More than half a million Rohingya have fled to Bangladesh since attacks by militants belonging to the Muslim minority on Myanmar police posts sparked brutal reprisals by security forces.
The refugees accuse Myanmar's army -- flanked by mobs of ethnic Rakhine -- of slaughtering them and burning their villages in a campaign which the United Nations says amounts to "ethnic cleansing".
Myanmar's military have blamed the unrest on the Rohingya.
Up to 15,000 people joined the demonstrations in Bangladesh's second largest city, police said, organised by hardline Islamist group Hefazat-e-Islam to protest against the killings of the Rohingya.

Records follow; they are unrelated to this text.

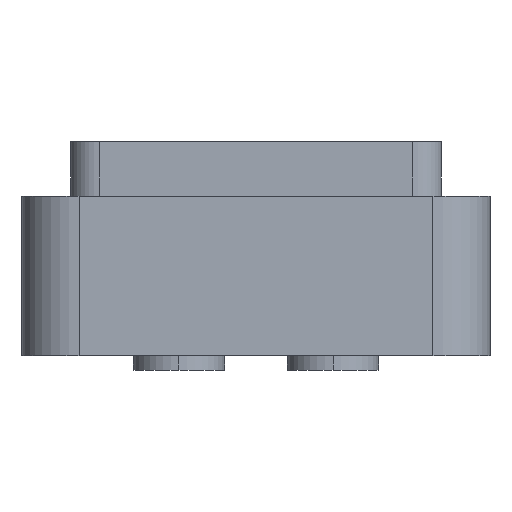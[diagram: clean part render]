
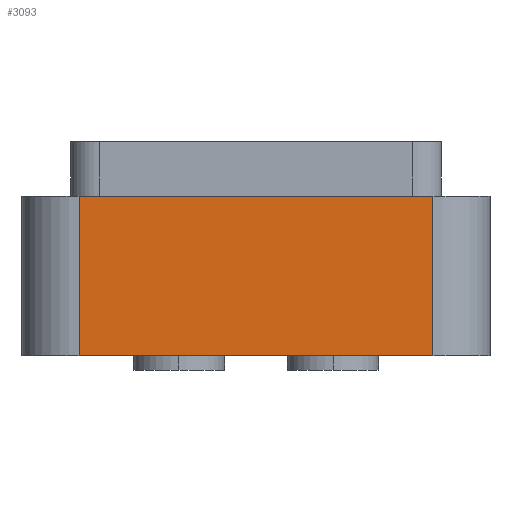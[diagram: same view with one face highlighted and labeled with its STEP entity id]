
A CAD part, left-side view. The second image highlights one B-rep face of the part: STEP entity #3093.
In plain terms, the highlighted planar face has unit normal (-1, 0, 0).
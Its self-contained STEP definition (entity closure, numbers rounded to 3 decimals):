
#228=DIRECTION('',(0.,-1.,0.));
#229=VECTOR('',#228,6.2);
#230=CARTESIAN_POINT('',(-12.2,3.1,0.));
#231=LINE('',#230,#229);
#340=DIRECTION('',(0.,-1.,0.));
#341=VECTOR('',#340,6.2);
#342=CARTESIAN_POINT('',(-12.2,3.1,-2.8));
#343=LINE('',#342,#341);
#1137=DIRECTION('',(0.,0.,-1.));
#1138=VECTOR('',#1137,2.8);
#1139=CARTESIAN_POINT('',(-12.2,3.1,0.));
#1140=LINE('',#1139,#1138);
#1141=DIRECTION('',(0.,0.,-1.));
#1142=VECTOR('',#1141,2.8);
#1143=CARTESIAN_POINT('',(-12.2,-3.1,0.));
#1144=LINE('',#1143,#1142);
#1457=CARTESIAN_POINT('',(-12.2,3.1,-2.8));
#1459=VERTEX_POINT('',#1457);
#1463=CARTESIAN_POINT('',(-12.2,3.1,0.));
#1464=VERTEX_POINT('',#1463);
#1466=CARTESIAN_POINT('',(-12.2,-3.1,-2.8));
#1468=VERTEX_POINT('',#1466);
#1469=CARTESIAN_POINT('',(-12.2,-3.1,0.));
#1470=VERTEX_POINT('',#1469);
#3081=CARTESIAN_POINT('',(-12.2,4.1,-2.8));
#3082=DIRECTION('',(1.,0.,0.));
#3083=DIRECTION('',(0.,-1.,0.));
#3084=AXIS2_PLACEMENT_3D('',#3081,#3082,#3083);
#3085=PLANE('',#3084);
#3086=ORIENTED_EDGE('',*,*,#3076,.F.);
#3087=ORIENTED_EDGE('',*,*,#1633,.T.);
#3089=ORIENTED_EDGE('',*,*,#3088,.T.);
#3090=ORIENTED_EDGE('',*,*,#1768,.F.);
#3091=EDGE_LOOP('',(#3086,#3087,#3089,#3090));
#3092=FACE_OUTER_BOUND('',#3091,.F.);
#1633=EDGE_CURVE('',#1464,#1470,#231,.T.);
#1768=EDGE_CURVE('',#1459,#1468,#343,.T.);
#3076=EDGE_CURVE('',#1464,#1459,#1140,.T.);
#3088=EDGE_CURVE('',#1470,#1468,#1144,.T.);
#3093=ADVANCED_FACE('',(#3092),#3085,.F.);

"We have also asked the government to train and arm the Rohingya so that they can liberate their homeland," he said.
Communities in Chittagong share close cultural, religious and linguistic ties with the Rohingya, and images on social media purportedly showing abuses against the Muslim minority in mainly Buddhist Myanmar have aroused strong sympathy in Bangladesh.
Islamist parties, including Hefazat, have staged several demonstrations over the issue in recent weeks and some firebrand leaders have called on the government to go to war with Myanmar to liberate Rakhine for the persecuted Rohingya.
The plight of the Rohingya, a Muslim minority who are reviled and denied citizenship in Myanmar, has roused anger across the Islamic world, with protests held in Pakistan, Malaysia and Indonesia.
The influx has also put Bangladesh under immense strain, with the South Asian country already hosting at least 300,000 Rohingya refugees in squalid camps along its border with Myanmar before the latest surge in arrivals.